> _Extracted information_:

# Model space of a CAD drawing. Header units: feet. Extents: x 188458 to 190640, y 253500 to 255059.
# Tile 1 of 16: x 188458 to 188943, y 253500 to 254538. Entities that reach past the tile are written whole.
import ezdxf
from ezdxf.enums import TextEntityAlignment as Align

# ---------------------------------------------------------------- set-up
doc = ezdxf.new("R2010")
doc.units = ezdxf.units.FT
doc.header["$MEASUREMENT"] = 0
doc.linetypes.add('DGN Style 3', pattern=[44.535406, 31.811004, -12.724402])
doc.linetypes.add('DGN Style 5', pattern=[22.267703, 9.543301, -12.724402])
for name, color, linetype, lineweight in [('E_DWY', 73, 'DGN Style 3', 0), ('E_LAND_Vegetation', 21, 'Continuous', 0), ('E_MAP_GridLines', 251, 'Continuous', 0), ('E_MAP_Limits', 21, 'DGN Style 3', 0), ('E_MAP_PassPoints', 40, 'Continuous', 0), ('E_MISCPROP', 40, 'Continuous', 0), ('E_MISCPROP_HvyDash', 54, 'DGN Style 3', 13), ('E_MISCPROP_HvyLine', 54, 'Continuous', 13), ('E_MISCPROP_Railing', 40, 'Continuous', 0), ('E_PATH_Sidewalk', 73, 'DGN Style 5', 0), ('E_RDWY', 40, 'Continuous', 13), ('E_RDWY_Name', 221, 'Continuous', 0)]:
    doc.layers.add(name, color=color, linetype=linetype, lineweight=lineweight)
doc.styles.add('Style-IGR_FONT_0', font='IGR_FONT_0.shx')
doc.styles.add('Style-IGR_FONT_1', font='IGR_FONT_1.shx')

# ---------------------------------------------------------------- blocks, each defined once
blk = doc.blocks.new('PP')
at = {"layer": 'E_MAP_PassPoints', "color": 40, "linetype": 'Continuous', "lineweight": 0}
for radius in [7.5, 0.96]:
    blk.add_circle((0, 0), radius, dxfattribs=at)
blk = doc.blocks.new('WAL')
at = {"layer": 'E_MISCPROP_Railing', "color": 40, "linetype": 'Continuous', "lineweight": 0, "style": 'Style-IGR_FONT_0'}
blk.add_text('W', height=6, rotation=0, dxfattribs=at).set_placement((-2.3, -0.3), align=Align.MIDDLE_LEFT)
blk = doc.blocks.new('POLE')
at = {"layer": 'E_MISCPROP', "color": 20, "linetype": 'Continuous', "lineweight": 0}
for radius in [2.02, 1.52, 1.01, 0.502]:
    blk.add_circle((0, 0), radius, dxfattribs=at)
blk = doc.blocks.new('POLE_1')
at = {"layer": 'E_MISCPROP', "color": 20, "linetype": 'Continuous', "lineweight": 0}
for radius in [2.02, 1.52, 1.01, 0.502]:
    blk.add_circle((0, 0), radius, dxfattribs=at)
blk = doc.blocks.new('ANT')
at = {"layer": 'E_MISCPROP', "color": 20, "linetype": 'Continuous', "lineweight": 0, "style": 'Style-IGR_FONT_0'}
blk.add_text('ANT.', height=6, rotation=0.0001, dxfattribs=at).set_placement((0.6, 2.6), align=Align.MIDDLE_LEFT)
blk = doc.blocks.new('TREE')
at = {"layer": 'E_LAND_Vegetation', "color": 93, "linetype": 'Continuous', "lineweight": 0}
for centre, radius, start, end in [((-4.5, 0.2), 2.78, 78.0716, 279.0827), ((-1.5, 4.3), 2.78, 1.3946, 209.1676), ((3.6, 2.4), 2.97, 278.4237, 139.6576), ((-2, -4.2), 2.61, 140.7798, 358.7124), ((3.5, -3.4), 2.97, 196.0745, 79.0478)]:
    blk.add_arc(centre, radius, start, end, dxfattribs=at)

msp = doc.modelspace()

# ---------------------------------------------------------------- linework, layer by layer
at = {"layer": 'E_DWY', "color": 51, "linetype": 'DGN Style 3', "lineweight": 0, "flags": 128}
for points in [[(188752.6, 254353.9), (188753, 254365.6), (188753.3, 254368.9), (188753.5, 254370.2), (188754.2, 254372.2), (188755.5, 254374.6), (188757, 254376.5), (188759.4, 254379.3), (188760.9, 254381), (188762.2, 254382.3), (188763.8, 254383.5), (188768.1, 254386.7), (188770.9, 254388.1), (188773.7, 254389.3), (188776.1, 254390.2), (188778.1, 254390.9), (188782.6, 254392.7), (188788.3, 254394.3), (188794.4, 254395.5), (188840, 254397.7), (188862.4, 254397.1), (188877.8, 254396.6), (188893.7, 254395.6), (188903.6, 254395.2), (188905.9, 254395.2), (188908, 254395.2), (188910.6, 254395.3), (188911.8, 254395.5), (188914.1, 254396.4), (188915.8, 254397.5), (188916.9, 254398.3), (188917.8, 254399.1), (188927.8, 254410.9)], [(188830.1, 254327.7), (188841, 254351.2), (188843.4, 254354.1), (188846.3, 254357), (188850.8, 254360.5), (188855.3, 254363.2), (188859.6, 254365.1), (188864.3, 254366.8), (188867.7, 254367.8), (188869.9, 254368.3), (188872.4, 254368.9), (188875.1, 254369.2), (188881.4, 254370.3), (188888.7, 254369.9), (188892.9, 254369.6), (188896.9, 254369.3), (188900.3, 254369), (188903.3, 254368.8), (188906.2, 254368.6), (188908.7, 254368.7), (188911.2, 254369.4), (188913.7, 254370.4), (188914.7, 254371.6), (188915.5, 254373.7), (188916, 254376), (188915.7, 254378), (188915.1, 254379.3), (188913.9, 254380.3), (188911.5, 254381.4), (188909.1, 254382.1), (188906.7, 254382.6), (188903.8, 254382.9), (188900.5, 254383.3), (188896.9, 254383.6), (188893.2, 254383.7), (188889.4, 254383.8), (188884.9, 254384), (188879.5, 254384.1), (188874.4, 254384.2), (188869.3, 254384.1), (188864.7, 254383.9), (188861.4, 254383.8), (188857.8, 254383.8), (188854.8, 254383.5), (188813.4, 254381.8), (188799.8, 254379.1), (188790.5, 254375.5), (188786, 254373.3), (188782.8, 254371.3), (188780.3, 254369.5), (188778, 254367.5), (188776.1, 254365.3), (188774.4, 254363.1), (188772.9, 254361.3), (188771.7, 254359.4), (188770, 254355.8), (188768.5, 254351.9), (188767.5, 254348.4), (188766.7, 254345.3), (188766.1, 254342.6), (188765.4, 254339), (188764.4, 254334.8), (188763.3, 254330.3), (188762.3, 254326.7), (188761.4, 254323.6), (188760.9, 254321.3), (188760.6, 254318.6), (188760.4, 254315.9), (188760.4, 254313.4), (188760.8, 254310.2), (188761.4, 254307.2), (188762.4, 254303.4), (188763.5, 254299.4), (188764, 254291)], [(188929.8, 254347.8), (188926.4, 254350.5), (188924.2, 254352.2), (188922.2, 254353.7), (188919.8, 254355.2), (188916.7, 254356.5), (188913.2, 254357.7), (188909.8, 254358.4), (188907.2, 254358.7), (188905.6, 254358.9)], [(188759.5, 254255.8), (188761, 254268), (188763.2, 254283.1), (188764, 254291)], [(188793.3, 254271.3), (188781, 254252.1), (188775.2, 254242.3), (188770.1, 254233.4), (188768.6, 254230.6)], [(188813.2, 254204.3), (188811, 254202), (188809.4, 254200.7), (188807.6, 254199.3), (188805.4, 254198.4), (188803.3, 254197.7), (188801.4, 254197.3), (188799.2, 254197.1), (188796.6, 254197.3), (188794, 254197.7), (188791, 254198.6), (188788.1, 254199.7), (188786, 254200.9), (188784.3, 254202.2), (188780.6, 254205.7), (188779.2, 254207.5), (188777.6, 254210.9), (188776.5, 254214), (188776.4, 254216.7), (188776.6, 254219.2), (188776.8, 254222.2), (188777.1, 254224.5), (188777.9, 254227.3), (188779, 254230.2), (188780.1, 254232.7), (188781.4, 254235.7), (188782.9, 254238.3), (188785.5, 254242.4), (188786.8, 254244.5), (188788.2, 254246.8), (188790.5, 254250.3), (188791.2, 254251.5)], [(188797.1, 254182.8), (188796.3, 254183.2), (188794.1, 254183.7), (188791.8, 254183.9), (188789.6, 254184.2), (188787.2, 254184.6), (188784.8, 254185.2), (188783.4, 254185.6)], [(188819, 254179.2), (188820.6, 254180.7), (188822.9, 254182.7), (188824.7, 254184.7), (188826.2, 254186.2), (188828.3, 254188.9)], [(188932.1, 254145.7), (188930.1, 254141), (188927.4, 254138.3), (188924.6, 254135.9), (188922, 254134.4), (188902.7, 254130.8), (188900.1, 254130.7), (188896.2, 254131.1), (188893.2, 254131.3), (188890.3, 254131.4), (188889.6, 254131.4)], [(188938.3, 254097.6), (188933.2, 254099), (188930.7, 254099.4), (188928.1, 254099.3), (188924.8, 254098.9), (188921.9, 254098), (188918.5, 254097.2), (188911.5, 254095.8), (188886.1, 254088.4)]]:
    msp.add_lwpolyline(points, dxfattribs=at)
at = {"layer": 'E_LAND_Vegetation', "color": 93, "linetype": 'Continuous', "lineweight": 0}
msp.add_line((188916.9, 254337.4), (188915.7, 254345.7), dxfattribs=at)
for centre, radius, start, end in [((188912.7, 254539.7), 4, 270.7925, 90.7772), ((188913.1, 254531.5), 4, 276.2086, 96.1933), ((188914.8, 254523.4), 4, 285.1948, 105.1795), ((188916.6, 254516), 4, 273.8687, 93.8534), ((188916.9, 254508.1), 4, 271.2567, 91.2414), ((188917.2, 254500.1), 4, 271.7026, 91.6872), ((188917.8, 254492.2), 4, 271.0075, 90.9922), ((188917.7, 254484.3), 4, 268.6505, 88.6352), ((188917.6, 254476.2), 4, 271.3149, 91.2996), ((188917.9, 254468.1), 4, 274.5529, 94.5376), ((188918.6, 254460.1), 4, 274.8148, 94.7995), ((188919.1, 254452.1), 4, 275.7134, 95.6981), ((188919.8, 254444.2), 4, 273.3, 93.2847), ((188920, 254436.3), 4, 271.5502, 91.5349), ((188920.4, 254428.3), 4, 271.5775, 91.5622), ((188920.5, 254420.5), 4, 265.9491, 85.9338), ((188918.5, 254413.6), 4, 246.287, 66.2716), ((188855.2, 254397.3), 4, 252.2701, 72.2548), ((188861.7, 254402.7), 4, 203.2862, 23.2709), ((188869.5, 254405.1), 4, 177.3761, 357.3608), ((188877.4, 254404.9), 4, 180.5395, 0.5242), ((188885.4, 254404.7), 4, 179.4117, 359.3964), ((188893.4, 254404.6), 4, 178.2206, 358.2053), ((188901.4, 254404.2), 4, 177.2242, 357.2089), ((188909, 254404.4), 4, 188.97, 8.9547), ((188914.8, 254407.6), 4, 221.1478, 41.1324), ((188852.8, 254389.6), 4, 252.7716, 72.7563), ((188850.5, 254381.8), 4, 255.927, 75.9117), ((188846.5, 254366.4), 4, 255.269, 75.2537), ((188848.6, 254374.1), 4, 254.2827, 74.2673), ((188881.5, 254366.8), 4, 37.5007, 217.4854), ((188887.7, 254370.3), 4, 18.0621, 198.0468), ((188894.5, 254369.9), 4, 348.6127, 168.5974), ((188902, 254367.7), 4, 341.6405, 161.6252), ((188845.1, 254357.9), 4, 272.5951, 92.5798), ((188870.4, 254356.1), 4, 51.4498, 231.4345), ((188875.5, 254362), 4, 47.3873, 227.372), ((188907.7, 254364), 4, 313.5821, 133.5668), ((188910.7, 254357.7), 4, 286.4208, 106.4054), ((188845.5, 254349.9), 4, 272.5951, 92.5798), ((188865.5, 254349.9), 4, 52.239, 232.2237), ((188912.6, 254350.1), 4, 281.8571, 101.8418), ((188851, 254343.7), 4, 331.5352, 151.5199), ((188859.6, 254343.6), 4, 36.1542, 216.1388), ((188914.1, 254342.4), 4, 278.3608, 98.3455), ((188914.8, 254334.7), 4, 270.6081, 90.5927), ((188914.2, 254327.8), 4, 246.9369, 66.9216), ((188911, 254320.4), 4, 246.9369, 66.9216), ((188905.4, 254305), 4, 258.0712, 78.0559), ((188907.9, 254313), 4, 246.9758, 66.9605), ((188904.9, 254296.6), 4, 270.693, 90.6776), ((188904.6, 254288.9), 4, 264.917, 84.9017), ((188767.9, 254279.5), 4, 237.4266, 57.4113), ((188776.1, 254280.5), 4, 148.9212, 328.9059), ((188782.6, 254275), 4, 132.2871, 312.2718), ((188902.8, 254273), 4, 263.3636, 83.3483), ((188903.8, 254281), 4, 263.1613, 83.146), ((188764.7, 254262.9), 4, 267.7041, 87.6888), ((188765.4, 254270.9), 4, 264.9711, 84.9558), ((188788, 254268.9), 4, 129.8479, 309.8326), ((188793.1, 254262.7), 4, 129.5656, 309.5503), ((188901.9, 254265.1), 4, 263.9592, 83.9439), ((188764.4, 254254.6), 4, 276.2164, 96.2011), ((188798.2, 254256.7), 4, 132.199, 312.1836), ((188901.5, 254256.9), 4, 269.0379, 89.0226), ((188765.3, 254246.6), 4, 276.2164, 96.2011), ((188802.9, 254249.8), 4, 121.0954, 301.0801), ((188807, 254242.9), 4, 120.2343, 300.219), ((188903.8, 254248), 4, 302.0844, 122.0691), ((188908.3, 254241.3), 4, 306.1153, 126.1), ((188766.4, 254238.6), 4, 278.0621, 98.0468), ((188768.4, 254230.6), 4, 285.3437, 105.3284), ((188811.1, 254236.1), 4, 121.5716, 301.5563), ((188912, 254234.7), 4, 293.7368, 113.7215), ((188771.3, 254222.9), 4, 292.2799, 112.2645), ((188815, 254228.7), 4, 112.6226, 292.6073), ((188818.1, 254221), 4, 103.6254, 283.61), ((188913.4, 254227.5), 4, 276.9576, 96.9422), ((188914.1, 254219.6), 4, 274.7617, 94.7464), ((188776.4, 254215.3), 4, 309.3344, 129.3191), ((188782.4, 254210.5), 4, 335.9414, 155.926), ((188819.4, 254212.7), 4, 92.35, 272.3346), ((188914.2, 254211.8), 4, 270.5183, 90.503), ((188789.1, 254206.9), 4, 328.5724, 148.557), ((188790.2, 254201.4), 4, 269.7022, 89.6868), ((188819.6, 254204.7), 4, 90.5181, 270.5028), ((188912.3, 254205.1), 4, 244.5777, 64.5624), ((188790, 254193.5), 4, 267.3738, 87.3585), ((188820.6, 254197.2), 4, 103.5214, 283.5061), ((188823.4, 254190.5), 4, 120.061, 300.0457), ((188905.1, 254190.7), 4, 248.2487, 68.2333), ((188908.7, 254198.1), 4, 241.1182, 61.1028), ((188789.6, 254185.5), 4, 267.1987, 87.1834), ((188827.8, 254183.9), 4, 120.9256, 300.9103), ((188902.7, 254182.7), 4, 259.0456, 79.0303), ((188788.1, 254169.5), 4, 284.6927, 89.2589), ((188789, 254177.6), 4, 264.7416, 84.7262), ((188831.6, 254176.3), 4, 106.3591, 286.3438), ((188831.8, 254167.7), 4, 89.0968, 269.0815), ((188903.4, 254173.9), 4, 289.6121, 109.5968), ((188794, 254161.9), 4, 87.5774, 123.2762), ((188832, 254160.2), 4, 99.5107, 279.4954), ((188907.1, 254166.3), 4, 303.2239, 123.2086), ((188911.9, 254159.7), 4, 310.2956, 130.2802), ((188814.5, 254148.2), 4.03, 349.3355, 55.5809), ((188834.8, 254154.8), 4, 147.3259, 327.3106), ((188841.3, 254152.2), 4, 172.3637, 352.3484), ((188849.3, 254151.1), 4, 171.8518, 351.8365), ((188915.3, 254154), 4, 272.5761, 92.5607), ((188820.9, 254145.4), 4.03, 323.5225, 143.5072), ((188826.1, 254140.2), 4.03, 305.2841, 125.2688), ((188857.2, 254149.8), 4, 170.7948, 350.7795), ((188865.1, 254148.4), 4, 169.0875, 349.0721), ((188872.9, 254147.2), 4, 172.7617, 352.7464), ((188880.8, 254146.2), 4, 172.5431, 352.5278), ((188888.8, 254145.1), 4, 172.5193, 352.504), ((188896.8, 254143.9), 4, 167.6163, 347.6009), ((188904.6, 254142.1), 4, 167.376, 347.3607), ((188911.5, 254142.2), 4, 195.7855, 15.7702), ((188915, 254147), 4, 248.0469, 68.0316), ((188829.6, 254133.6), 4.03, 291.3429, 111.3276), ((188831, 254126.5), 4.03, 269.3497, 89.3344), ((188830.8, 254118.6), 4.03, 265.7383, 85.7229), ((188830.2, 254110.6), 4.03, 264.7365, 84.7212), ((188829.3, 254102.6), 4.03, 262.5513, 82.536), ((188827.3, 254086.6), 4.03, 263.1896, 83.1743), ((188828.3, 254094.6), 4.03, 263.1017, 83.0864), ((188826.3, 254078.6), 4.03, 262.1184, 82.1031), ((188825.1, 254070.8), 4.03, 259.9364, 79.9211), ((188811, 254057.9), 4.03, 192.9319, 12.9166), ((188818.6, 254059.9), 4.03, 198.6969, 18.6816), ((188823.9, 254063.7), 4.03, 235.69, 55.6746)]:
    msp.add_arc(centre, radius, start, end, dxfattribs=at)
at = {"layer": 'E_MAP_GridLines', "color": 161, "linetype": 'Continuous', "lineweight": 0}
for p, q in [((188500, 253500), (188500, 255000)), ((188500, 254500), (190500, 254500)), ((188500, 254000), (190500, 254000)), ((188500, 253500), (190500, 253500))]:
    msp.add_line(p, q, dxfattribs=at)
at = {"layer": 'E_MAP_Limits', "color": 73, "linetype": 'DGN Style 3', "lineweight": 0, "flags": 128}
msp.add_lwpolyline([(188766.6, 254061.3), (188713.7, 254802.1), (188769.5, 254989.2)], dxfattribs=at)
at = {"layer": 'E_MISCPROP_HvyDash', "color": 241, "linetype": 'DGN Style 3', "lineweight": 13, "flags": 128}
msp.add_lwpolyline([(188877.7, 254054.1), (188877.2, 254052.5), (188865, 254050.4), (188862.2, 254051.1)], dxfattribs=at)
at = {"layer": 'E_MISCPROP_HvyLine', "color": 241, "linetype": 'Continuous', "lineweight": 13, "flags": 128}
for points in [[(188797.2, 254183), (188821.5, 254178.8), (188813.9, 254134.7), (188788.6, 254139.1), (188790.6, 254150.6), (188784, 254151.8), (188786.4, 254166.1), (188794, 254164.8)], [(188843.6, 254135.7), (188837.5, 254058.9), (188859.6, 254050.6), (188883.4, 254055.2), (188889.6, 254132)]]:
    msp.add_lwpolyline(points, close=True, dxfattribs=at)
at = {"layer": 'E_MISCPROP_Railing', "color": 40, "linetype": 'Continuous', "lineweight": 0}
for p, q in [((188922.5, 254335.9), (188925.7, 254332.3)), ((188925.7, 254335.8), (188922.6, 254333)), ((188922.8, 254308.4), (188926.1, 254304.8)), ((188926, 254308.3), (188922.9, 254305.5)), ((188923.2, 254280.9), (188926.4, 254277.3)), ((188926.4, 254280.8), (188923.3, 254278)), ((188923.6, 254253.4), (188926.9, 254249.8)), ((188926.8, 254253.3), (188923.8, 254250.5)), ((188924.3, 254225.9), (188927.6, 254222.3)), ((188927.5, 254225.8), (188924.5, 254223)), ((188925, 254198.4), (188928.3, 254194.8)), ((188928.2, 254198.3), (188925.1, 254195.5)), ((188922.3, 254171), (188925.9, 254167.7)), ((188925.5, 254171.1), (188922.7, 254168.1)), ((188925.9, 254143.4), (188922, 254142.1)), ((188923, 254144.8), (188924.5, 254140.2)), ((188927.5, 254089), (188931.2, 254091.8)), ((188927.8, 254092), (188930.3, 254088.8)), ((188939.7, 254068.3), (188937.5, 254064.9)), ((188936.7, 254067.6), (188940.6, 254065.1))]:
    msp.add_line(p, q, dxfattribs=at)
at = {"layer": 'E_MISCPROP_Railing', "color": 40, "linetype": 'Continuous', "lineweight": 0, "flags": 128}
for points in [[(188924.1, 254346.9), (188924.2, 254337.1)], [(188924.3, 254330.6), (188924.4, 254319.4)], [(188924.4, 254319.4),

> _What you have to do_: Lines from the start of the entries through the one containing "pattern=[22.267703, 9.543301, -12.724402])" are to be set down again exactly, both ends included.

> _Answer space_:
# Model space of a CAD drawing. Header units: feet. Extents: x 188458 to 190640, y 253500 to 255059.
# Tile 1 of 16: x 188458 to 188943, y 253500 to 254538. Entities that reach past the tile are written whole.
import ezdxf
from ezdxf.enums import TextEntityAlignment as Align

# ---------------------------------------------------------------- set-up
doc = ezdxf.new("R2010")
doc.units = ezdxf.units.FT
doc.header["$MEASUREMENT"] = 0
doc.linetypes.add('DGN Style 3', pattern=[44.535406, 31.811004, -12.724402])
doc.linetypes.add('DGN Style 5', pattern=[22.267703, 9.543301, -12.724402])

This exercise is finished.